La Segunda Guerra Mundial y, en concreto, las acciones de Hitler han dado lugar a un buen número de obras basadas, especialmente, en los testimonios de aquellos que experimentaron en primera persona las terribles experiencias.

Muy posiblemente, por encima de todas las crónicas y relatos que podemos encontrar al respecto, destaca el Diario de Ana Frank. La narración sincera de una chiquilla en aras de la adolescencia, con aspiraciones literarias y las inquietudes propias de su edad, inicia el diario que muchos tuvimos el impulso de imitar, pero siendo muy consciente de la situación convulsa que se respiraba en su ciudad y los alrededores. Entre los correlatos más triviales se agazapan el desasosiego y la incredulidad ante la implacable segregación sin cuartel a la que estaban siendo sometidos. Es un diario que, página a página, nos informa del avance de una guerra imparable cuyo fin último no era otro que el exterminio absoluto del pueblo judío.

Ante la previsión de los acontecimientos, Otto Frank había ideado un plan, como otros tantos pudieron llevar a cabo con mayor o menor éxito: una vivienda-refugio escondida tras una estantería en su propia fábrica. En la casa de atrás convivirían durante más de dos años cinco adultos, tres jóvenes y toda una revolución de hormonas, viviendo una vida de mentira que les exigía hablar en susurros y contener la respiración ante el mínimo ruido. Un mini mundo en el que, pese a lo artificial, había cabida para la incomprensión que a uno le invade cuando es adolescente, los conflictos fraternales e incluso el despertar del amor.

Las medidas que tomaron no fueron suficientes. Puede que, alertados por algún vecino, que al acecho tras unas cortinas atisbaba el posible destello de una vida clandestina, la mañana del viernes 4 de agosto de 1944 se presentaron varios oficiales armados de las SS, que encontraron el acceso a la casa de atrás. Y todo quedó sepultado por el lodo.

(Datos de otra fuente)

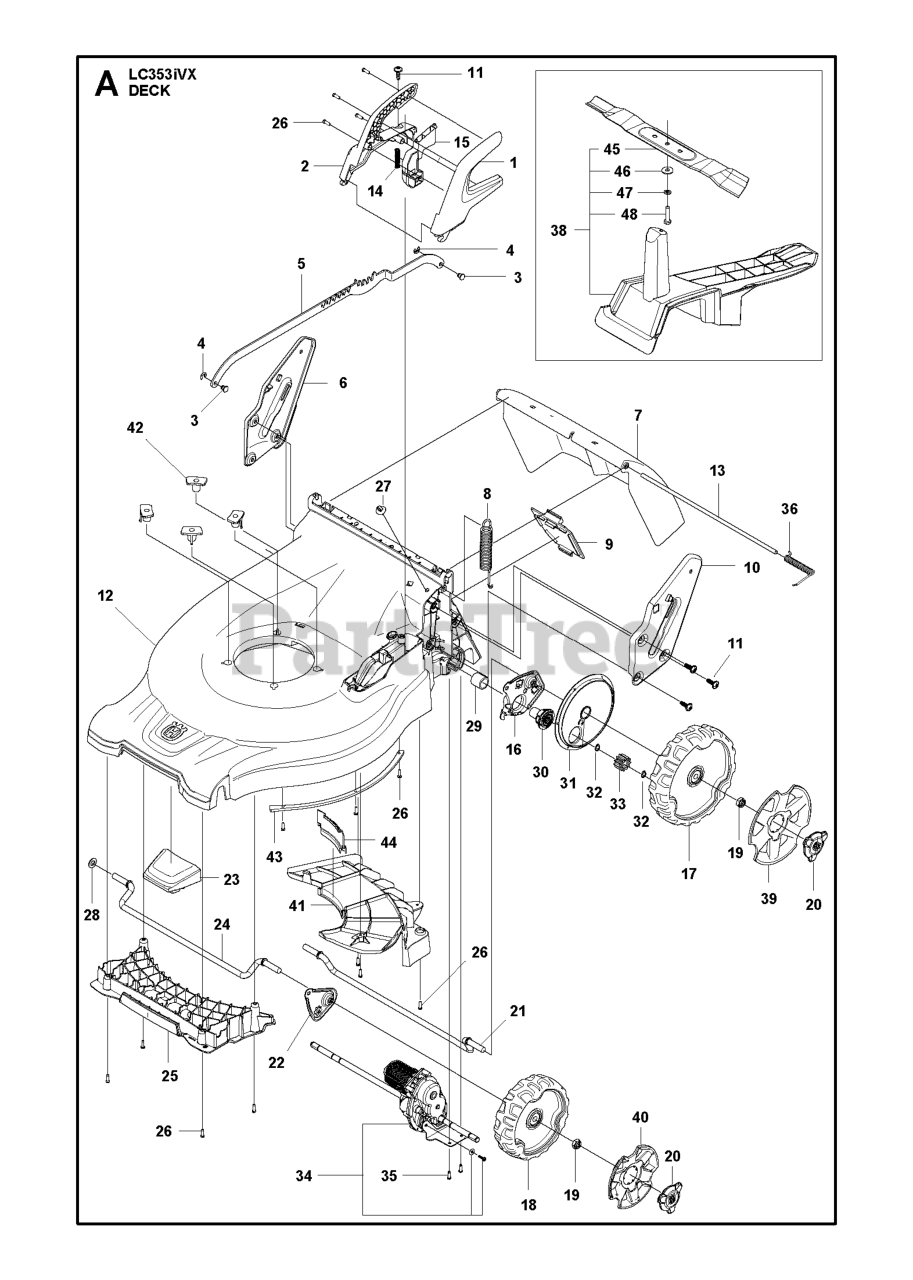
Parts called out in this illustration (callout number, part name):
4	Retaining Ring
20	NUT CAP
26	SCREW ITXPANT T50X16 ZN/FE (A
28	Washers
33	Pinions
35	SCREW ITXPANT T50X16 ZN/FE (A
46	SPACER
47	SPRING WASHER
48	SCREW

Alemania perdió la guerra, los campos de concentración fueron liberados y el mundo fue conocedor de las atrocidades que es capaz de cometer el ser humano.

Esta es la historia que conocemos. Pero hay otras historias.

Alemania había sido derrotada y, por sus fronteras, llegaba triunfante el Ejército Rojo. Había dado comienzo la invasión rusa; batallones de hombres despiadados con sed de venganza, exultantes, dispuestos a tomar sin piedad todo lo que se mostraba ante sus ojos.

Una mujer en Berlín es un diario anónimo escrito entre los días 20 de abril y 22 de junio de 1945, muy distinto, sin duda, al que escribiera Ana Frank, pero testimonio, al fin, de la otra cara de la guerra en la que pocas veces hemos reparado.

La autora quiso que se publicase de manera anónima para proteger su identidad y, de hecho, tuvo una muy mala acogida en su país. Los alemanes recibieron feroces el alegato de una mujer valiente que daba voz al sufrimiento que habían padecido millones de ellas, con frecuencia ante la mirada pasiva de hombres abatidos y resignados, pero que preferían no oír hablar de ello, ignorarlo, olvidarlo.

Marta Hillers, periodista alemana, detalla de manera cruda y descarnada los pormenores del fin de la guerra en Berlín. Mientras los hombres están en el frente, las mujeres intentan sobrevivir a duras penas: con cartillas de racionamiento en los mejores momentos, buscando hierbas silvestres que llevarse a la boca en los peores, sin saciar nunca el hambre voraz que les corroe las entrañas.

Las mujeres son testigos y víctimas de la otra realidad de la guerra: las bombas que caen en derredor, las noches de hacinamiento en refugios, los cadáveres por doquier. Entre los escombros, sin agua, sin electricidad, ellas se agarran a la vida con uñas y dientes; desbordadas por el miedo y el asco, expuestas sin remedio a los soldados rusos por los que, una y otra vez, son violadas. La autora se vale en ocasiones del humor negro para no darse pena a sí misma, de lúcidas reflexiones, de una pasmosa serenidad sin censura y sin un ápice de autocompasión que la obliga a mantener los pies en el suelo y la vista puesta en la supervivencia.

Es preciso conocer la historia para no estar condenados a repetirla. Acercarnos a los escritos de estas autoras o de tantos otros que, con su pluma, fueron capaces de darle forma a su sufrimiento nos ayudará a conocer el alma humana, a ser conscientes del daño que es capaz de infligir el hombre, a juzgarlo y rechazarlo, a reconocer el dolor en el otro y hacerlo también nuestro, a mirarlo a la cara en vez de mirar para otro lado. En definitiva, nos hará más humanos.